Tuesday 16 February 2010

Yo soy estudiante de Español



I had my first Spanish lesson yesterday morning and it couldn't have come a minute sooner. You don't learn a lot in your first four hours of a new language. It is a huge flashback to being twelve years old, and tip-toeing through the fundamentally alien concept of learning to communicate in a completely different language from that which you have grown up with. If that's hard when you're twelve, what's it like when you're thirty two and your tiny brain has been addled by twenty years of extraneous and often pointless learning, washed away with various cocktails of drink and other noxious substances, and emaciated by the emotional rigours of life? Actually, it seems a lot easier.

People bang on about the capacity of children to learn things quickly. Watching my two year old niece's vocabulary double every week, and now reaching the stage where she is more than capable of outwitting and taunting me should she so wish (she's too nice to do so I think), I would tend to agree. But you know what, when you're twelve, you've got a lot of other stuff to learn and, well, you're twelve, for crying out loud. You know nothing.

In my eight years as a bookmaker, I could probably have named over 50% of the UK population of racehorses, their trainers and jockeys. Half of them I could probably tell you their last run, or at least what they'd won. Half again, I could probably tell you what ground they like, their best trip, which tracks they'd go best on, which races I'd aim for if I trained them, who I'd get to ride them and, most crucially, what kind of price they should be.
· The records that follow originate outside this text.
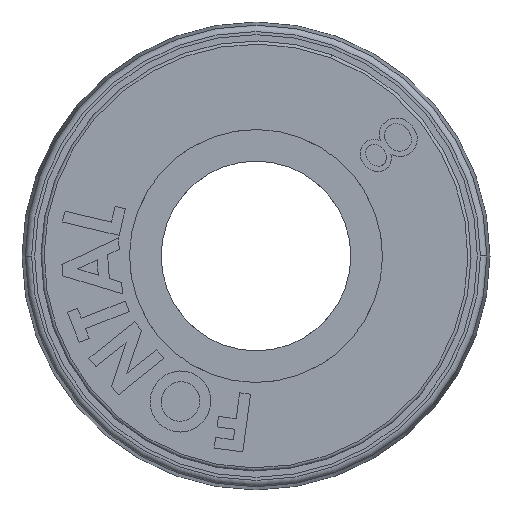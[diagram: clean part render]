
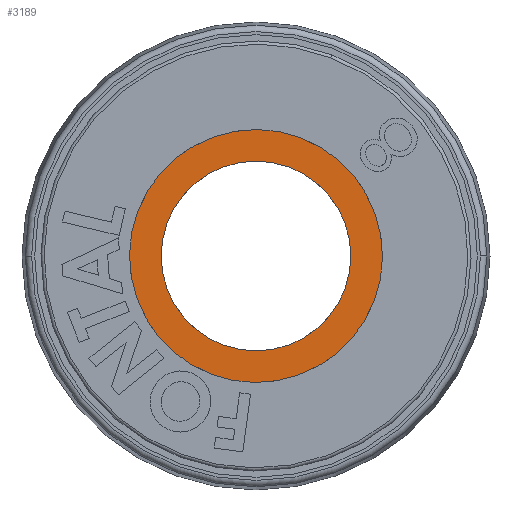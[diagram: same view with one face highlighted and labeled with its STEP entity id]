
A CAD part, left-side view. The second image highlights one B-rep face of the part: STEP entity #3189.
In plain terms, the highlighted planar face has unit normal (-1, 0, 0).
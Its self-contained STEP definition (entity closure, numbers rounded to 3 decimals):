
#30 = EDGE_CURVE ( 'NONE', #6346, #6657, #6655, .T. ) ;
#336 = CARTESIAN_POINT ( 'NONE',  ( -5.344, -3., 0. ) ) ;
#851 = AXIS2_PLACEMENT_3D ( 'NONE', #8426, #7603, #1038 ) ;
#1038 = DIRECTION ( 'NONE',  ( 0., -1., 0. ) ) ;
#1501 = AXIS2_PLACEMENT_3D ( 'NONE', #8223, #9719, #8350 ) ;
#1504 = EDGE_CURVE ( 'NONE', #9109, #7400, #9252, .T. ) ;
#1651 = ORIENTED_EDGE ( 'NONE', *, *, #30, .T. ) ;
#1952 = EDGE_CURVE ( 'NONE', #6657, #6346, #9963, .T. ) ;
#2147 = DIRECTION ( 'NONE',  ( -1., 0., 0. ) ) ;
#2238 = PLANE ( 'NONE',  #851 ) ;
#2881 = ORIENTED_EDGE ( 'NONE', *, *, #3277, .F. ) ;
#2912 = CARTESIAN_POINT ( 'NONE',  ( -5.344, 0., 0. ) ) ;
#3057 = ORIENTED_EDGE ( 'NONE', *, *, #1504, .F. ) ;
#3090 = AXIS2_PLACEMENT_3D ( 'NONE', #2912, #2147, #5128 ) ;
#3189 = ADVANCED_FACE ( 'NONE', ( #7080, #8992 ), #2238, .T. ) ;
#3277 = EDGE_CURVE ( 'NONE', #7400, #9109, #5990, .T. ) ;
#4199 = CARTESIAN_POINT ( 'NONE',  ( -5.344, 0., 0. ) ) ;
#4858 = EDGE_LOOP ( 'NONE', ( #1651, #5423 ) ) ;
#4869 = DIRECTION ( 'NONE',  ( 0., -1., 0. ) ) ;
#4922 = CARTESIAN_POINT ( 'NONE',  ( -5.344, 0., 0. ) ) ;
#4966 = AXIS2_PLACEMENT_3D ( 'NONE', #4922, #6607, #9583 ) ;
#4993 = CARTESIAN_POINT ( 'NONE',  ( -5.344, 4., 0. ) ) ;
#5128 = DIRECTION ( 'NONE',  ( 0., -1., 0. ) ) ;
#5423 = ORIENTED_EDGE ( 'NONE', *, *, #1952, .T. ) ;
#5913 = EDGE_LOOP ( 'NONE', ( #3057, #2881 ) ) ;
#5990 = CIRCLE ( 'NONE', #4966, 3. ) ;
#6346 = VERTEX_POINT ( 'NONE', #8837 ) ;
#6607 = DIRECTION ( 'NONE',  ( -1., 0., 0. ) ) ;
#6655 = CIRCLE ( 'NONE', #3090, 4. ) ;
#6657 = VERTEX_POINT ( 'NONE', #4993 ) ;
#7080 = FACE_BOUND ( 'NONE', #5913, .T. ) ;
#7400 = VERTEX_POINT ( 'NONE', #336 ) ;
#7603 = DIRECTION ( 'NONE',  ( -1., 0., 0. ) ) ;
#7940 = AXIS2_PLACEMENT_3D ( 'NONE', #4199, #8031, #4869 ) ;
#8031 = DIRECTION ( 'NONE',  ( -1., 0., 0. ) ) ;
#8223 = CARTESIAN_POINT ( 'NONE',  ( -5.344, 0., 0. ) ) ;
#8350 = DIRECTION ( 'NONE',  ( 0., -1., 0. ) ) ;
#8417 = CARTESIAN_POINT ( 'NONE',  ( -5.344, 3., 0. ) ) ;
#8426 = CARTESIAN_POINT ( 'NONE',  ( -5.344, 0., 0. ) ) ;
#8837 = CARTESIAN_POINT ( 'NONE',  ( -5.344, -4., 0. ) ) ;
#8992 = FACE_OUTER_BOUND ( 'NONE', #4858, .T. ) ;
#9109 = VERTEX_POINT ( 'NONE', #8417 ) ;
#9252 = CIRCLE ( 'NONE', #1501, 3. ) ;
#9583 = DIRECTION ( 'NONE',  ( 0., -1., 0. ) ) ;
#9719 = DIRECTION ( 'NONE',  ( -1., 0., 0. ) ) ;
#9963 = CIRCLE ( 'NONE', #7940, 4. ) ;

I no longer need to know this information. So I figure, letting all that drift slowly from my mind, I must have created a hell of a lot of room up there, even accounting for the self assisted decline in grey matter that must surely claim us all eventually. So filling it with a few choice words of Spanish can't be that hard. Surely?

I have many friends who have taught English as a second language. I could never really understand how you can teach someone a language if you don't speak theirs. But now I do. You adjust to listening, you pick up notebooks full of new words every hour, and you are forced to think and express yourself in the language you're learning. The upshot of this - confidence. Before yesterday's lesson, I was afraid to even order a coffee. Now I'm sipping tea and getting shirty about how I like my toast, even if I'm not deploying my newly acquired linguistic skills and telling people via a giant speech bubble "Yo soy Tom Cruise. Soy actor, y soy muy bajo..."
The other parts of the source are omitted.